A3S-Lab · ZhiXiao-Lin · Jun 24, 2026 · Jun 24, 2026
diff --git a/CHANGELOG.md b/CHANGELOG.md
@@ -2,6 +2,33 @@
 
 All notable changes to a3s-observer will be documented in this file.
 
+## [0.10.0] — richer signals: exit-signal, LLM model, dest-port, uid
+
+### Added
+
+- **Exit signal** — `ProcessExit` now carries `signal` (0 clean / 9 SIGKILL+OOM / 11 SIGSEGV
+  crash). The probe moved from the `sys_enter_exit_group` tracepoint to a `do_exit` kprobe, so
+  crashes and signal-kills — which the tracepoint never saw — are captured. Gated to the
+  thread-group leader: one event per process, not per thread.
+- **LLM model + tokens** — `AgentEvent::LlmApi {model, prompt_tokens, completion_tokens}`, parsed
+  in userspace from the opt-in TLS content: which model the agent called + token usage. Pairs
+  with the raw `SslContent`.
+- **Destination port on `Egress`** — the service class the agent dials (443 API / 22 SSH / 5432
+  Postgres / 6379 Redis / 11434 Ollama). The port was already read in-kernel and discarded.
+- **UID on `ToolExec`** — the real UID a tool runs as (0 = root): privilege / privesc visibility.
+
+### Fixed
+
+- `build.rs` now emits `rerun-if-changed` for the eBPF crate, so a probe-source-only change no
+  longer reuses stale bytecode.
+
+### Tested
+
+- Each signal validated live on the production cluster (crash/kill/OOM; LlmApi model over TLS;
+  port 6443/etcd/redis; uid root/service/nobody). An adversarial fan-out review caught + fixed a
+  per-thread `ProcessExit` duplication regression (multithreaded agents) before release; the
+  untrusted-input LLM parser passed a 50M-iteration fuzz.
+
 ## [0.9.3] — soak validation + test coverage (no runtime change)
 
 ### Tested

diff --git a/Cargo.lock b/Cargo.lock
diff --git a/Cargo.toml b/Cargo.toml
@@ -1,6 +1,6 @@
 [package]
 name = "a3s-observer"
-version = "0.9.3"
+version = "0.10.0"
 edition = "2021"
 license = "MIT"
 description = "General-purpose, language-agnostic eBPF observability for AI agents (LLM calls, tools, files, network egress)."
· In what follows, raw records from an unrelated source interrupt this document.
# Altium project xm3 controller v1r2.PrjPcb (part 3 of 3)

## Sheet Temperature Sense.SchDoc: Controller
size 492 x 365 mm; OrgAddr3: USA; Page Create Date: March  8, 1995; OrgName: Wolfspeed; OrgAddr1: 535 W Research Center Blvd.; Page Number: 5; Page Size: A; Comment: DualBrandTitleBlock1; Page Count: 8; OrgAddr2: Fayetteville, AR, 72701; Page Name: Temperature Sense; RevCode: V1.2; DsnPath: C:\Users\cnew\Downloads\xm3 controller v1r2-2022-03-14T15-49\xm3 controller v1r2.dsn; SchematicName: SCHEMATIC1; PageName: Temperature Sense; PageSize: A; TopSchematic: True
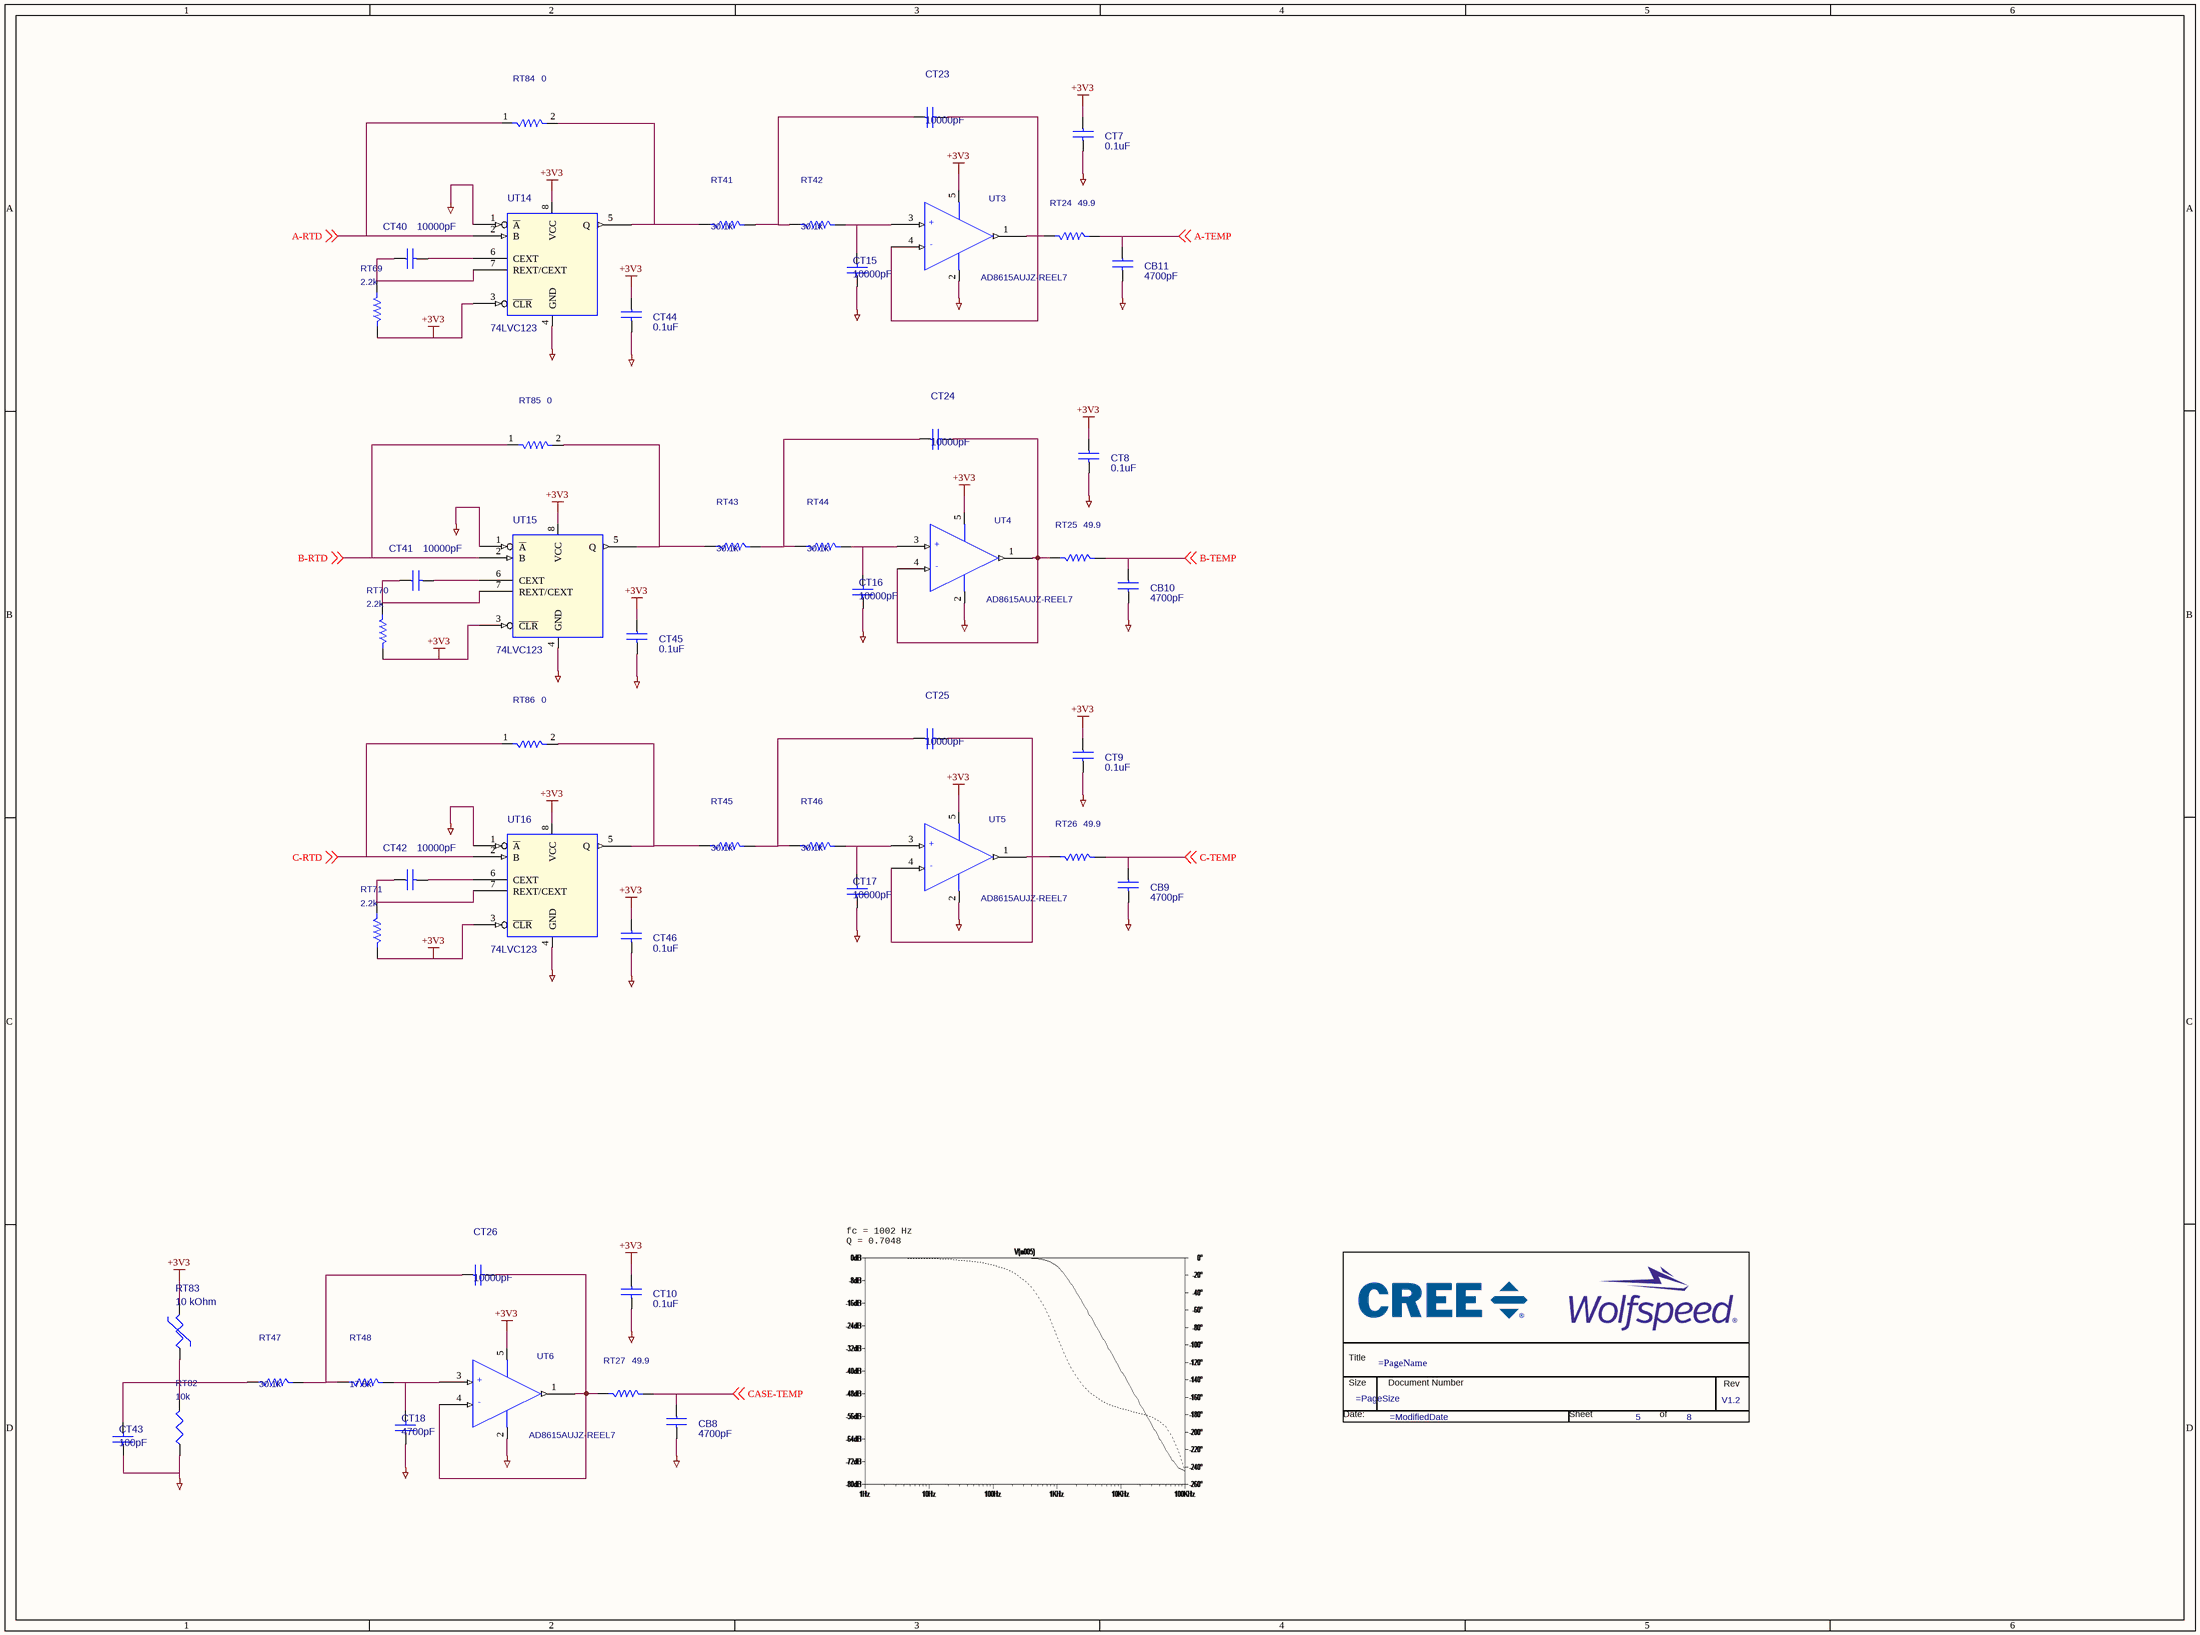
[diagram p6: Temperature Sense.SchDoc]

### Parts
(Parts that share a designator on the sheet are numbered #1, #2 ... from top to bottom, then left to right.)
*#7  Page Count: 8  Page Number: 5  RevCode: V1.2  (hidden comment: DualBrandTitleBlock1)  (graphical)
CB8  4700pF  [c_0603]
CB9  4700pF  [c_0603]
CB10  4700pF  [c_0603]
CB11  4700pF  [c_0603]
CT7  0.1uF  [CAPC1608X87N]
CT8  0.1uF  [CAPC1608X87N]
CT9  0.1uF  [CAPC1608X87N]
CT10  0.1uF  [CAPC1608X87N]
CT15  10000pF  [CAPC1608X90N]
CT16  10000pF  [CAPC1608X90N]
CT17  10000pF  [CAPC1608X90N]
CT18  4700pF  [CAPC1608X90N]
CT23  10000pF  [CAPC1608X90N]
CT24  10000pF  [CAPC1608X90N]
CT25  10000pF  [CAPC1608X90N]
CT26  10000pF  [CAPC1608X90N]
CT40  10000pF  [CAPC1608X90N]
CT41  10000pF  [CAPC1608X90N]
CT42  10000pF  [CAPC1608X90N]
CT43  100pF  [CAPC1608X90N]
CT44  0.1uF  [CAPC1608X87N]
CT45  0.1uF  [CAPC1608X87N]
CT46  0.1uF  [CAPC1608X87N]
RT24  49.9  [RESC1608X55N]
RT25  49.9  [RESC1608X55N]
RT26  49.9  [RESC1608X55N]
RT27  49.9  [RESC1608X55N]
RT41  30.1k  [RESC1608X55N]
RT42  30.1k  [RESC1608X55N]
RT43  30.1k  [RESC1608X55N]
RT44  30.1k  [RESC1608X55N]
RT45  30.1k  [RESC1608X55N]
RT46  30.1k  [RESC1608X55N]
RT47  30.1k  [RESC1608X55N]
RT48  17.8k  [RESC1608X55N]
RT69  2.2k  [RESC1608X55N]
RT70  2.2k  [RESC1608X55N]
RT71  2.2k  [RESC1608X55N]
RT82  10k  [RESC1608X65N]
RT83  10 kOhm  [RESC2012X60N]
RT84  0  [RESC2012X70N]
RT85  0  [RESC2012X70N]
RT86  0  [RESC2012X70N]
UT3  AD8615AUJZ-REEL7  [sot23-5_0_95x2_70p_h1_22]
UT4  AD8615AUJZ-REEL7  [sot23-5_0_95x2_70p_h1_22]
UT5  AD8615AUJZ-REEL7  [sot23-5_0_95x2_70p_h1_22]
UT6  AD8615AUJZ-REEL7  [sot23-5_0_95x2_70p_h1_22]
UT14  74LVC123  [VSSOP8]
UT15  74LVC123  [VSSOP8]
UT16  74LVC123  [VSSOP8]

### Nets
0: CB8.2 CB9.2 CB10.2 CB11.2 CT7.2 CT8.2 CT9.2 CT10.2 CT15.1 CT16.1 CT17.1 CT18.1 CT43.1 CT44.2 CT45.2 CT46.2 RT82.1 UT3.2(V-) UT4.2(V-) UT5.2(V-) UT6.2(V-) UT14.1(~{A}) UT14.4(GND) UT15.1(~{A}) UT15.4(GND) UT16.1(~{A}) UT16.4(GND)
+3V3: CT7.1 CT8.1 CT9.1 CT10.1 CT44.1 CT45.1 CT46.1 RT69.1 RT70.1 RT71.1 RT83.2 UT3.5(V+) UT4.5(V+) UT5.5(V+) UT6.5(V+) UT14.3(~{CLR}) UT14.8(VCC) UT15.3(~{CLR}) UT15.8(VCC) UT16.3(~{CLR}) UT16.8(VCC)
A-RTD: RT84.1 UT14.2(B) ; off-sheet A-RTD
A-TEMP: CB11.1 RT24.2 ; off-sheet A-TEMP
B-RTD: RT85.1 UT15.2(B) ; off-sheet B-RTD
B-TEMP: CB10.1 RT25.2 ; off-sheet B-TEMP
C-RTD: RT86.1 UT16.2(B) ; off-sheet C-RTD
C-TEMP: CB9.1 RT26.2 ; off-sheet C-TEMP
CASE-TEMP: CB8.1 RT27.2 ; off-sheet CASE-TEMP
NetCT15_2: CT15.2 RT42.2 UT3.3(IN+)
NetCT16_2: CT16.2 RT44.2 UT4.3(IN+)
NetCT17_2: CT17.2 RT46.2 UT5.3(IN+)
NetCT18_2: CT18.2 RT48.2 UT6.3(IN+)
NetCT23_1: CT23.1 RT41.2 RT42.1
NetCT23_2: CT23.2 RT24.1 UT3.1(OUT) UT3.4(IN-)
NetCT24_1: CT24.1 RT43.2 RT44.1
NetCT24_2: CT24.2 RT25.1 UT4.1(OUT) UT4.4(IN-)
NetCT25_1: CT25.1 RT45.2 RT46.1
NetCT25_2: CT25.2 RT26.1 UT5.1(OUT) UT5.4(IN-)
NetCT26_1: CT26.1 RT47.2 RT48.1
NetCT26_2: CT26.2 RT27.1 UT6.1(OUT) UT6.4(IN-)
NetCT40_1: CT40.1 RT69.2 UT14.7(REXT/CEXT)
NetCT40_2: CT40.2 UT14.6(CEXT)
NetCT41_1: CT41.1 RT70.2 UT15.7(REXT/CEXT)
NetCT41_2: CT41.2 UT15.6(CEXT)
NetCT42_1: CT42.1 RT71.2 UT16.7(REXT/CEXT)
NetCT42_2: CT42.2 UT16.6(CEXT)
NetCT43_2: CT43.2 RT47.1 RT82.2 RT83.1
NetRT41_1: RT41.1 RT84.2 UT14.5(Q)
NetRT43_1: RT43.1 RT85.2 UT15.5(Q)
NetRT45_1: RT45.1 RT86.2 UT16.5(Q)

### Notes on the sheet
- fc = 1002 Hz
  Q = 0.7048

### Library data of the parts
*#7 = DualBrandTitleBlock1: OrgAddr3: USA; OrgAddr2: Fayetteville, AR, 72701; OrgAddr1: 535 W Research Center Blvd.; OrgName: Wolfspeed; Title: Controller
CB8 = CAP: CAP CER 4700PF 25V X7R 0603; Part Reference: CB8; PART_NUMBER: TMP-889; Manufacturer: Murata Electronics North America; Manufacturer PN: GCM188R71E472KA37D; Company Part Status: New; Dielectric Type: Capacitors; Tolerance: 10%; CLASS: DISCRETE
CB9 = CAP: CAP CER 4700PF 25V X7R 0603; Part Reference: CB9; Manufacturer PN: GCM188R71E472KA37D; Manufacturer: Murata Electronics North America; PART_NUMBER: TMP-889; Company Part Status: New; CLASS: DISCRETE; Tolerance: 10%; Dielectric Type: Capacitors
CB10 = CAP: CAP CER 4700PF 25V X7R 0603; Part Reference: CB10; Manufacturer PN: GCM188R71E472KA37D; Manufacturer: Murata Electronics North America; PART_NUMBER: TMP-889; Company Part Status: New; CLASS: DISCRETE; Tolerance: 10%; Dielectric Type: Capacitors
CB11 = CAP: CAP CER 4700PF 25V X7R 0603; Part Reference: CB11; Manufacturer PN: GCM188R71E472KA37D; Manufacturer: Murata Electronics North America; PART_NUMBER: TMP-889; Company Part Status: New; CLASS: DISCRETE; Tolerance: 10%; Dielectric Type: Capacitors
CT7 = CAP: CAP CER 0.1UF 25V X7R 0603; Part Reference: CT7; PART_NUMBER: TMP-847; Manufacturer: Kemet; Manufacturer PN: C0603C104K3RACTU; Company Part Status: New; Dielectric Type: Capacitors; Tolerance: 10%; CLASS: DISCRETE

diff --git a/README.md b/README.md
@@ -44,14 +44,15 @@ latency / TTFT, or plaintext) / **where** (peer IP / hostname).
 | signal | kernel hook | event |
 |---|---|---|
 | `exec` | `sys_enter_execve` | `ToolExec` — tool / subprocess: **full argv** + cwd, comm, uid |
-| `exit` | `sys_enter_exit_group` | `ProcessExit` — tool outcome + **exit code** (clean exits) |
+| `exit` | `do_exit` kprobe | `ProcessExit` — outcome: **exit code + signal** (clean / SIGSEGV crash / SIGKILL-OOM), one per process |
 | `connect` | `sys_enter_connect` | `Egress` — peer IP:port |
 | `sni` | TLS ClientHello (plaintext `server_name`) | LLM **provider** + endpoint |
 | `dns` | `sendto` / `sendmsg` / `sendmmsg` to :53 | `Dns` — resolved hostname |
 | llm metrics | per-socket `read`/`recv` + `close` | `LlmCall` — req/resp wire bytes, latency, TTFT |
 | `file`\* | `sys_enter_openat` (write opens) | `FileAccess` — files written (`A3S_OBSERVER_FILES=1`) |
 | `unlink`\* | `sys_enter_unlinkat` | `FileDelete` — files deleted (`A3S_OBSERVER_FILES=1`) |
 | `ssl`\* | OpenSSL `SSL_write` / `SSL_read` uprobes | `SslContent` — request/response plaintext (`A3S_OBSERVER_SSL=1`) |
+| `llm-api`\* | parsed from `SslContent` | `LlmApi` — **model** + token usage (`A3S_OBSERVER_SSL=1`) |
 
 Userspace enriches each event with **identity** (k8s cgroup→pod, `/proc` comm+ppid, or an
 in-kernel `comm` fallback for short-lived processes), a `(pid,fd)→peer` **correlation**, and

diff --git a/a3s-observer-collector/Cargo.toml b/a3s-observer-collector/Cargo.toml
@@ -1,6 +1,6 @@
 [package]
 name = "a3s-observer-collector"
-version = "0.9.3"
+version = "0.10.0"
 edition = "2021"
 license = "MIT"
 description = "a3s-observer collector: loads the eBPF probes and exports enriched events."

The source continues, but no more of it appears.